A nutrient of prime importance
Protein plays a very diverse role in the body and is essential to our health. Along with fat and carbohydrates, protein is the third macronutrient in our diet. The word "protein" comes from the Greek proteios which means “of prime importance.” Researchers have long placed protein on the primary pedestal.
Protein is found in every cell in the human body. It is vital for repairing and maintaining body tissue, creating enzymes and some hormones, forming antibodies, and transporting oxygen. Plants don't just provide the protein we need to thrive; they also minimize many of the health risks associated with meat consumption.
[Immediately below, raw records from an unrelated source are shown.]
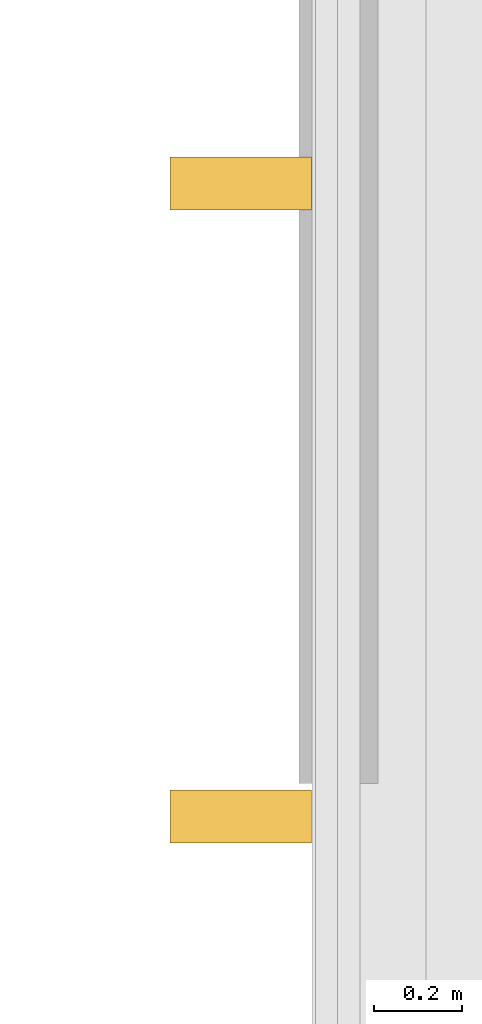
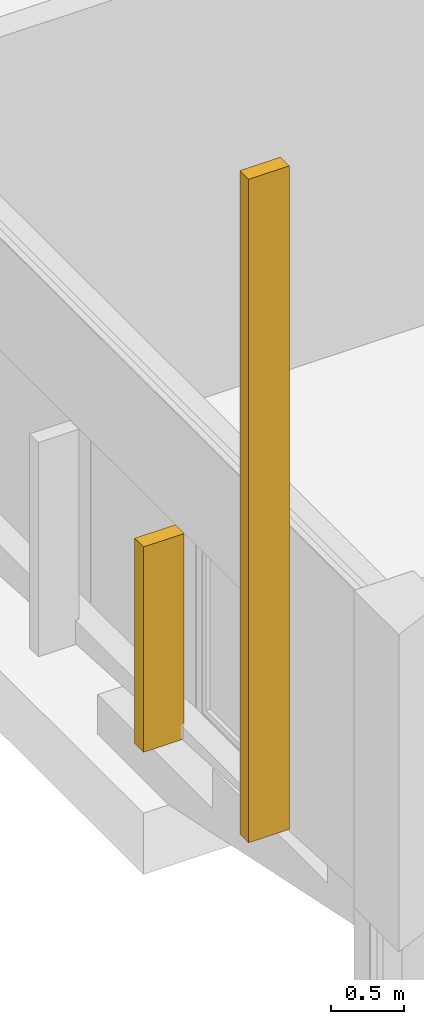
# One storey, part 56 of 65: 2 coverings.
"""IFC2X3 building model written with IfcOpenShell, lengths in millimetres."""

from ifc_helpers import new_model, entity, si_unit, converted_unit, derived_unit, money_unit, direction, frame, origin_with_axes, origin_2d_with_axis, place, context, subcontext, project, spatial, rectangle, extrude, material, type_object, element, save


model = new_model("IFC2X3")

# Units and contexts
model_context = context("Model", 3, precision=0.01, world=origin_with_axes(), true_north=direction((0.0, 1.0)))
body_context = subcontext(model_context, "Body", "Model", "MODEL_VIEW")
ifc_project = project(units=[si_unit("LENGTHUNIT", "METRE", prefix="MILLI"), si_unit("AREAUNIT", "SQUARE_METRE"), si_unit("VOLUMEUNIT", "CUBIC_METRE"), converted_unit("PLANEANGLEUNIT", "DEGREE", entity("IfcPlaneAngleMeasure", 0.0174532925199), si_unit("PLANEANGLEUNIT", "RADIAN"), dimensions=[0, 0, 0, 0, 0, 0, 0]), si_unit("SOLIDANGLEUNIT", "STERADIAN"), money_unit("EUR"), converted_unit("TIMEUNIT", "Year", entity("IfcTimeMeasure", 31556926.0), si_unit("TIMEUNIT", "SECOND"), dimensions=[0, 0, 1, 0, 0, 0, 0]), si_unit("MASSUNIT", "GRAM", prefix="KILO"), si_unit("THERMODYNAMICTEMPERATUREUNIT", "DEGREE_CELSIUS"), si_unit("LUMINOUSINTENSITYUNIT", "LUMEN"), si_unit("ENERGYUNIT", "JOULE", prefix="MEGA"), derived_unit("THERMALCONDUCTANCEUNIT", [(si_unit("POWERUNIT", "WATT"), 1), (si_unit("LENGTHUNIT", "METRE"), -1), (si_unit("THERMODYNAMICTEMPERATUREUNIT", "KELVIN"), -1)]), derived_unit("SPECIFICHEATCAPACITYUNIT", [(si_unit("ENERGYUNIT", "JOULE"), 1), (si_unit("MASSUNIT", "GRAM", prefix="KILO"), -1), (si_unit("THERMODYNAMICTEMPERATUREUNIT", "KELVIN"), -1)]), derived_unit("MASSDENSITYUNIT", [(si_unit("MASSUNIT", "GRAM", prefix="KILO"), 1), (si_unit("VOLUMEUNIT", "CUBIC_METRE"), -1)])], contexts=[model_context])

# Site, building, storey
site_placement = place(None, origin_with_axes())
site = spatial("IfcSite", under=ifc_project, at=site_placement, Name="Puškini 31, Narva", CompositionType="ELEMENT")
building_placement = place(site_placement, origin_with_axes())
building = spatial("IfcBuilding", under=site, at=building_placement, Name="Narva Riigigümnaasium", CompositionType="ELEMENT")
storey_placement = place(building_placement, frame((0.0, 0.0, -1320.0), z_axis=(0.0, 0.0, 1.0), x_axis=(1.0, 0.0, 0.0)))
storey = spatial("IfcBuildingStorey", under=building, at=storey_placement, Name="1.korrus -1.32", CompositionType="ELEMENT", Elevation=-1320.0)

# Coverings
ifc_material = material(Name="Puitroov")
covering_type = type_object("IfcCoveringType", Name="Puitroov 120 x 320", PredefinedType="NOTDEFINED")
covering_1_placement = place(storey_placement, frame((21779.9999985, 160550.000001, 1436.16813255), z_axis=(0.0, 0.0, 1.0), x_axis=(0.0, 1.0, 0.0)))
element("IfcCovering", 1, at=covering_1_placement, inside=storey, type_object=covering_type, material=ifc_material, Name="Lamell", PredefinedType="NOTDEFINED", context=body_context, shape_type="SweptSolid", body=[
    extrude(rectangle(XDim=120.0, YDim=320.0, at=origin_2d_with_axis()), origin_with_axes(), (0.0, 0.0, 1.0), 5523.83186745),
])
covering_2_placement = place(storey_placement, frame((21779.9999985, 161983.787819, 1320.0), z_axis=(0.0, 0.0, 1.0), x_axis=(0.0, 1.0, 0.0)))
element("IfcCovering", 2, at=covering_2_placement, inside=storey, type_object=covering_type, material=ifc_material, Name="Lamell", PredefinedType="NOTDEFINED", context=body_context, shape_type="SweptSolid", body=[
    extrude(rectangle(XDim=120.0, YDim=320.0, at=origin_2d_with_axis()), origin_with_axes(), (0.0, 0.0, 1.0), 1710.0),
])

save(model, "model.ifc")

"Formerly, vegetable proteins were classified as second class, and regarded as inferior to first-class proteins of animal origin, but this distinction has now been generally discarded."
– The Lancet, editorial. Nov. 28, 1959
Plant a steak in the ground
All protein is not the same
Animal proteins were once deemed "superior" because they offer all the amino acids we need in one complete package, so the body can quickly utilize them. But, the slower synthesis of plant protein is actually better. Speeding up body functions is akin to accelerated aging – like putting the pedal to the metal.
Although vegetable proteins may not come to us complete in any single plant, plants do contain the protein we need. Plus, plants also provide us with fibre, essential fatty acids, and a vast array of vitamins, minerals, antioxidants, and other beneficial nutrients.
Sustainability is a meaty issue
Back in 1971, the best-selling book, Diet For A Small Planet, argued that the greenhouse gas footprint of consuming ruminant meat is, on average, 19–48 times higher than that of high-protein foods obtained from plants. Plus, producing animal protein uses far more energy. On average, 11 times more energy is required to produce animal protein. But, you don't have to become a vegetarian to make a difference. Every time you choose a plant-based food, you’re part of the solution.
Protein can be a clean, renewable resource
Farming food crops requires fewer natural resources than animal husbandry. We could increase the earth's food supply dramatically simply by shifting the 16 major crops away from livestock feed and biofuel production, to human consumption. One study estimated this change would create a 28% increase in food.1
This would also result in significant reductions in greenhouse gas emissions from machinery, nitrous oxide pollution from fertilizer, and methane gas produced by animals. Plants are truly the path to a greener day – a VegiDay.
6 Foley JA, Ramankutty N, Brauman KA, Cassidy ES, Gerber JS, Johnston M, Mueller ND, O'Connell C, Ray DK, West PC, et al. Solutions for a cultivated planet. Nature 2011;478:337–42.